I have two objective functions as follows.

{\min}\underset{f_{c,u}}{\max}\hspace{1mm}({\bf d-s},0)

and

{\min}\underset{f_{c,u}}{\max}\hspace{1mm}({\bf d-s})

Here, f_{c,u} are optimization variables where, c=1,2,\cdots,C and u=1,2,\cdots,U

\bf d is a known vector of size 1\times U

Is there a way to make them compatible with CVX?

What is `s`

?

help cvx/max

```
Disciplined convex/geometric programming information:
max is convex, log-log-convex, and nondecreasing in its first
two arguments. Thus when used in disciplined convex programs,
both arguments must be convex (or affine). In disciplined
geometric programs, both arguments must be log-convex/affine.
```

So if `s`

is a concave (or affine) function of `a`

and `f`

, then `max(d =s9a,f0,0)`

complies with the DCP rules, but it is a vector, not a scalar, so can not be used as in as an objective function.So what do you mean by this notation?

I have no idea what your 2nd objective function is supposed to mean. You can’t maximize and then minimize over the same thing.

Did you have a reason for selecting the category MIDCP?

@Mark_L_Stone, \bf s is vector, which is a function of the optimization variable.

```
s= sum(F.*R)
```

\bf R is a known matrix of size C\times U

\bf F is the matrix of same size that contains the optimization variables f_{c,u}

Where does `a`

enter into `s(a,f)`

?

Please write out your code explicitly, even if it doesn’t obey CVX’s rules. I still don’t know what the mathematical problem you wish to solve is.

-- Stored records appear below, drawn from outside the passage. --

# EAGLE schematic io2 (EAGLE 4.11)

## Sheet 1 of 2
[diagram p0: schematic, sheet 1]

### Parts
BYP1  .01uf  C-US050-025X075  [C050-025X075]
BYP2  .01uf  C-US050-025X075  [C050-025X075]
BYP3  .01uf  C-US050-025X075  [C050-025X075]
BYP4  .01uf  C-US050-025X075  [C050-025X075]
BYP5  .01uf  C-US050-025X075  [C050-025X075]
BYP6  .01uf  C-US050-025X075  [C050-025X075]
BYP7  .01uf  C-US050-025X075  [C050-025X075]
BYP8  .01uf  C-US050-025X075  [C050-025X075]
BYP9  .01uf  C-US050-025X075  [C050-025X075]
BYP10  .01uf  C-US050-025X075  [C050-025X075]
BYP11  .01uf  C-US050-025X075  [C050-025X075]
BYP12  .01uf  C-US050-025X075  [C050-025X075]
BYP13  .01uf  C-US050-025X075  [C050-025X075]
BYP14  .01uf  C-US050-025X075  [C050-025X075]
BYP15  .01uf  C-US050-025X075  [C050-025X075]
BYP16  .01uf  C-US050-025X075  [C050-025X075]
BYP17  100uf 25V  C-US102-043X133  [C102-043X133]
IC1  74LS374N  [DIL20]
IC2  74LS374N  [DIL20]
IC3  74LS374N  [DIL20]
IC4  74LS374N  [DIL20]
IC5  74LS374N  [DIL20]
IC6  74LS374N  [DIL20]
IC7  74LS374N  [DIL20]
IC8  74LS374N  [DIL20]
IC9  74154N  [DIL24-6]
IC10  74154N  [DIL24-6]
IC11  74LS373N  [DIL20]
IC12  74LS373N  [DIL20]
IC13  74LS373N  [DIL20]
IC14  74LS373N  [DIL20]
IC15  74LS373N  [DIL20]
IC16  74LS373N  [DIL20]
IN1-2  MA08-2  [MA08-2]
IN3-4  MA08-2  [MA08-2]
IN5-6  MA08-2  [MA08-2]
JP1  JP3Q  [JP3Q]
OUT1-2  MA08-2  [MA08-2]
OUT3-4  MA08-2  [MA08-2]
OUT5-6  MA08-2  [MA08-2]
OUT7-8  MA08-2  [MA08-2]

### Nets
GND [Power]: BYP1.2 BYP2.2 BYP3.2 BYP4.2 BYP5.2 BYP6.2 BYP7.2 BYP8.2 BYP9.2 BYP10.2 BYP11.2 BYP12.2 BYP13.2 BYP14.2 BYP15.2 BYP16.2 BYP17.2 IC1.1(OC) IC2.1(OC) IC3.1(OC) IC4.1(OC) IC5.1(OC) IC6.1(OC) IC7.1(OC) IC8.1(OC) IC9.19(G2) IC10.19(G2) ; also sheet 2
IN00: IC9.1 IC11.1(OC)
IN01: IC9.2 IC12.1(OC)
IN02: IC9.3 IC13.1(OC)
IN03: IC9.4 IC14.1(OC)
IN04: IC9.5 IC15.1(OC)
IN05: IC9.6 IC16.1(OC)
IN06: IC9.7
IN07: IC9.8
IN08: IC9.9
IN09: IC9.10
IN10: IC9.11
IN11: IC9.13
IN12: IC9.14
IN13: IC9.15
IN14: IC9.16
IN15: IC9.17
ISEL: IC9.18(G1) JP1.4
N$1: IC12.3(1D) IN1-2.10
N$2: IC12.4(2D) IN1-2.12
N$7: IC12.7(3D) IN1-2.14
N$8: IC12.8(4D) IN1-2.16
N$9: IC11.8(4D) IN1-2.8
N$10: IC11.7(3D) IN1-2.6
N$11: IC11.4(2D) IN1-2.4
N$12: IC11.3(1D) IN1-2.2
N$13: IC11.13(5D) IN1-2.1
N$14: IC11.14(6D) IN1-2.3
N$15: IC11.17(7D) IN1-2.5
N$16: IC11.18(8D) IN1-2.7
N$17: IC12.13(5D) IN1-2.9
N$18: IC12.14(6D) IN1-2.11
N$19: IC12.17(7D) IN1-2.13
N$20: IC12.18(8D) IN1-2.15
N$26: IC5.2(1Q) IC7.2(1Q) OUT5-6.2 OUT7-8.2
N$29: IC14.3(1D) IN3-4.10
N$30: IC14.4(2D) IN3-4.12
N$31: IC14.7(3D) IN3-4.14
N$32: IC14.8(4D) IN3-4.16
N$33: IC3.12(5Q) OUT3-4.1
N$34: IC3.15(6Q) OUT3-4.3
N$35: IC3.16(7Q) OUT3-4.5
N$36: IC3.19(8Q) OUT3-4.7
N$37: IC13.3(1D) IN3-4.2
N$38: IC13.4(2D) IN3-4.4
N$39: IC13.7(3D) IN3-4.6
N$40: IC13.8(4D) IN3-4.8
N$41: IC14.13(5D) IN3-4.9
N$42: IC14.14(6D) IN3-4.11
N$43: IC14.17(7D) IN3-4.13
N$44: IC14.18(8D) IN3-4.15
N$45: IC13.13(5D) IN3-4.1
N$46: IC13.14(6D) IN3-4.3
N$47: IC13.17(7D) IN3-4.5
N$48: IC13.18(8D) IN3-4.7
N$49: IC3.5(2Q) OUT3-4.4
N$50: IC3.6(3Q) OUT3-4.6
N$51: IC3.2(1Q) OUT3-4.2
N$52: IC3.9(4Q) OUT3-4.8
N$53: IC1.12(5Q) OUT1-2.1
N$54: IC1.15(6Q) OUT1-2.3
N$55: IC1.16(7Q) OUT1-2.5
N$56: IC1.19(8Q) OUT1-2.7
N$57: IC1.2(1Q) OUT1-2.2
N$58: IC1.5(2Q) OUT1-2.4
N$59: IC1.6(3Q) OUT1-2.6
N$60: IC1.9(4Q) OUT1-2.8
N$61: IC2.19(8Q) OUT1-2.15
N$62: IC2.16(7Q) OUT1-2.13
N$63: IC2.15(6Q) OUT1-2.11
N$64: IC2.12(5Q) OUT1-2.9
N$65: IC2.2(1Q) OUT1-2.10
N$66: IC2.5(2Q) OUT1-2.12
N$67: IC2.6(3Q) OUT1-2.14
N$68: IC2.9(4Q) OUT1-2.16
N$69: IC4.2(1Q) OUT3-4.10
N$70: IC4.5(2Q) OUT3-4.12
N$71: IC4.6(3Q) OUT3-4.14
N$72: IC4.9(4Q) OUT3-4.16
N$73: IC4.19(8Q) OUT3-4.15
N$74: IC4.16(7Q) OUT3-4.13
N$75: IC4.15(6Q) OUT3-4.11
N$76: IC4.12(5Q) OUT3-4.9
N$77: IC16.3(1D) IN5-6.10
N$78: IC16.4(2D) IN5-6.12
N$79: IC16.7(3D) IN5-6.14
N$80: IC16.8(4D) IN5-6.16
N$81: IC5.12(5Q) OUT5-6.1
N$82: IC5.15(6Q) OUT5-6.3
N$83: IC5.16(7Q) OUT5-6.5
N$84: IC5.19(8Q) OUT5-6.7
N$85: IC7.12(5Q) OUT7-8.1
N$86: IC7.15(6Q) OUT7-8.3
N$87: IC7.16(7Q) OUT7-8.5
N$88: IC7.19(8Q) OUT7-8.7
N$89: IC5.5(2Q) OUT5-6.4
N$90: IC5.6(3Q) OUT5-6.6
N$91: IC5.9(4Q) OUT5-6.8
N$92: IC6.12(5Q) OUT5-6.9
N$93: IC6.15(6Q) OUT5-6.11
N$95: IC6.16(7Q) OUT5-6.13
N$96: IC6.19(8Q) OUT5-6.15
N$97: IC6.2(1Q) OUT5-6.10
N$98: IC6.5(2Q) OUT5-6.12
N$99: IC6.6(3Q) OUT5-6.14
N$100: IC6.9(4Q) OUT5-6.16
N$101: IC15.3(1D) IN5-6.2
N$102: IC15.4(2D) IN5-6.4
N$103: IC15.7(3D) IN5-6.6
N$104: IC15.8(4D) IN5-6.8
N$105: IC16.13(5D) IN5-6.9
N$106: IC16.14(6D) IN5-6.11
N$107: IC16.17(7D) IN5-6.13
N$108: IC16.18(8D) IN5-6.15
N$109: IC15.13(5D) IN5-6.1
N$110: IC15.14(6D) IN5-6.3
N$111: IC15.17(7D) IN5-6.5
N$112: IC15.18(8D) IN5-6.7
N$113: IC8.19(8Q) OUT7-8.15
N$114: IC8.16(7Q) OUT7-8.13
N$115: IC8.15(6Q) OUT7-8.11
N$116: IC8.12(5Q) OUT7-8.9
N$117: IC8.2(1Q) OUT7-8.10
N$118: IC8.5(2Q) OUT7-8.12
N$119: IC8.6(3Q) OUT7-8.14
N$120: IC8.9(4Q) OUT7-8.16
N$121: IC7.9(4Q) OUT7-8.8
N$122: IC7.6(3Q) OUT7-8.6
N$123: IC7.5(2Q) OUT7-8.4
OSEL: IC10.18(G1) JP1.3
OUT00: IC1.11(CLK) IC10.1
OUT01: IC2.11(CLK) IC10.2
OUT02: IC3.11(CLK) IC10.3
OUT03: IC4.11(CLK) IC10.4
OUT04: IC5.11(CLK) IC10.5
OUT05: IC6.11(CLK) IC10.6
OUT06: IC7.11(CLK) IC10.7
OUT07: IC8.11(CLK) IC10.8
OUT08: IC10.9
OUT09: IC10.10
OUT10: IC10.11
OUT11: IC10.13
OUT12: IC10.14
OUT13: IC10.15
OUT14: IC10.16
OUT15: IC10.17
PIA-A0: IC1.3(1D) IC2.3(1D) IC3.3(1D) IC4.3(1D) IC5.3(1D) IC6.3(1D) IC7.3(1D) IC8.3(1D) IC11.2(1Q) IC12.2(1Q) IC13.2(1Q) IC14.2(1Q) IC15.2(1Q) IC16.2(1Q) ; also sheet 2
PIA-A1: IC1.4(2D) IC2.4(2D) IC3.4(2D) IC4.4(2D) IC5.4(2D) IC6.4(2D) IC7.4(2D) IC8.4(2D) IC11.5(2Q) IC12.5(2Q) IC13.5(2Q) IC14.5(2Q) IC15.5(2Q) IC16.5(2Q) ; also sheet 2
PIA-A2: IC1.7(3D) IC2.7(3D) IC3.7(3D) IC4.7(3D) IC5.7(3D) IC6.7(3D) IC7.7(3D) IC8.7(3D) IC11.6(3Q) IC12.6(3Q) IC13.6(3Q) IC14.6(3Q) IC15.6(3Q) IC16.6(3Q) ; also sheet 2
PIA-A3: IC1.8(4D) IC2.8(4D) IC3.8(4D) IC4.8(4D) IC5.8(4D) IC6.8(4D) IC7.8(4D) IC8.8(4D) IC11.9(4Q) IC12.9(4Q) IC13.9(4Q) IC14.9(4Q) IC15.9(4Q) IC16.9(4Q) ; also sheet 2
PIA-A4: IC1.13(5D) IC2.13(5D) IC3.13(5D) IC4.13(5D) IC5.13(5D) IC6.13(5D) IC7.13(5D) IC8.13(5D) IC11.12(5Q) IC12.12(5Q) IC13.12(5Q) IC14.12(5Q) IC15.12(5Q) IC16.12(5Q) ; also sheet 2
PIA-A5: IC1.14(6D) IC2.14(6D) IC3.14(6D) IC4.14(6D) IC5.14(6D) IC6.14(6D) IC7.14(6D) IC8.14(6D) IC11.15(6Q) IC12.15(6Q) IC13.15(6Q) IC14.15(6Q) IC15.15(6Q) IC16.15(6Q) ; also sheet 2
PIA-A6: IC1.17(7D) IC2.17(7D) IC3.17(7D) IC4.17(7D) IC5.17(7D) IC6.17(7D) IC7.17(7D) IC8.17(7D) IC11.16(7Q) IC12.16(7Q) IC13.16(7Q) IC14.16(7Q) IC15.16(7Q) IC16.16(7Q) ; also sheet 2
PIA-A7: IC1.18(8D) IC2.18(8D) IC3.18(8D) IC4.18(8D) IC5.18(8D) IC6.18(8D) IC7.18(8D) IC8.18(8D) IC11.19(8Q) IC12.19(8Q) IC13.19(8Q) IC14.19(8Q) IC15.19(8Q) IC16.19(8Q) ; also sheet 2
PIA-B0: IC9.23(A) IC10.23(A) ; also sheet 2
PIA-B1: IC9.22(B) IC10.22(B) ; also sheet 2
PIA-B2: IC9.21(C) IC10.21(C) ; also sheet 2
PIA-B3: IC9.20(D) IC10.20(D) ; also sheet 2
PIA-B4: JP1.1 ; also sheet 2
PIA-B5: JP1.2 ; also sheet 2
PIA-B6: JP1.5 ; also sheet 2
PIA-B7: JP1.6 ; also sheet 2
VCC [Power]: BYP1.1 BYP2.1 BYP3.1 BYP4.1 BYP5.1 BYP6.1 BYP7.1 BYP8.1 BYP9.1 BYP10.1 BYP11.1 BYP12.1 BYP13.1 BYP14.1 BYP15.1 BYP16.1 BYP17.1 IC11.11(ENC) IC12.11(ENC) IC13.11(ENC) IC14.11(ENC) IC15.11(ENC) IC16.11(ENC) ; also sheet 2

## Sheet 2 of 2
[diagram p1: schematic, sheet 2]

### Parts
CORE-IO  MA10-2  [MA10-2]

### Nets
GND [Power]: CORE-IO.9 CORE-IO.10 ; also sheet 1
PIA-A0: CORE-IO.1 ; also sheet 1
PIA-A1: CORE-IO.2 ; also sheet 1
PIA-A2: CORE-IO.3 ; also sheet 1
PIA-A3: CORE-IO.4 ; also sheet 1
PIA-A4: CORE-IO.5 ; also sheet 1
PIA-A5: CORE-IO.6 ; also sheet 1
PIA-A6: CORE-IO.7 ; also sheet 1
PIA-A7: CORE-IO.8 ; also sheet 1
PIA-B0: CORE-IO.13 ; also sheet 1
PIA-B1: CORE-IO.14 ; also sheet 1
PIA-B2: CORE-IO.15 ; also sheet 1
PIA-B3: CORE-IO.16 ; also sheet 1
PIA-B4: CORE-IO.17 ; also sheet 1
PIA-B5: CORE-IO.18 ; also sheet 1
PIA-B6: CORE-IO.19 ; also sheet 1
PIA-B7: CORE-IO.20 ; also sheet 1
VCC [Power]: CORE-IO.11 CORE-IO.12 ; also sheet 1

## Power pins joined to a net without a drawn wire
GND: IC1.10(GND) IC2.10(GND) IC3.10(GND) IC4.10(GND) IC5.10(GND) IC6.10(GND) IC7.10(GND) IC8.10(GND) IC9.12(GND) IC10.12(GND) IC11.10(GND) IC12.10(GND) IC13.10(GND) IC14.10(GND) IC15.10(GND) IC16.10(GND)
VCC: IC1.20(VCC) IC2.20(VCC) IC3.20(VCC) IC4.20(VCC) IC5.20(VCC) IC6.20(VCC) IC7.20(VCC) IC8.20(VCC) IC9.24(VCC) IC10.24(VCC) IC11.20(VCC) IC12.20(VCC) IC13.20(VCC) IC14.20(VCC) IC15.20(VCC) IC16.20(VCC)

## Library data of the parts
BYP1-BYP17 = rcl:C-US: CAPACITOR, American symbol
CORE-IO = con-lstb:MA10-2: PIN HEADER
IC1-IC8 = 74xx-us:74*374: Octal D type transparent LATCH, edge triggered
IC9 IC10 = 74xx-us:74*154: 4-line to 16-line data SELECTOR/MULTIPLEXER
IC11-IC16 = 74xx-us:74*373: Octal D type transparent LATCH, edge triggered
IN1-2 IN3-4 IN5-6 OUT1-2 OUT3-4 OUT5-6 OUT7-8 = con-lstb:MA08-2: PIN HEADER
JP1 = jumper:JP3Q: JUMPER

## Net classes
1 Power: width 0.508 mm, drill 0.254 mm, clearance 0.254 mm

@Mark_L_Stone, I have edited my question. Now, I have removed the variables a. I want to generate the matrix \bf F such that the objective is met. The supply vector \bf s should be as close as possible to demand vector \bf d.

Is this what you want?

```
minimize(max(max(d-s,0)))
minimize(max(d-s))
```

@Mark_L_Stone, Exactly this is what I want!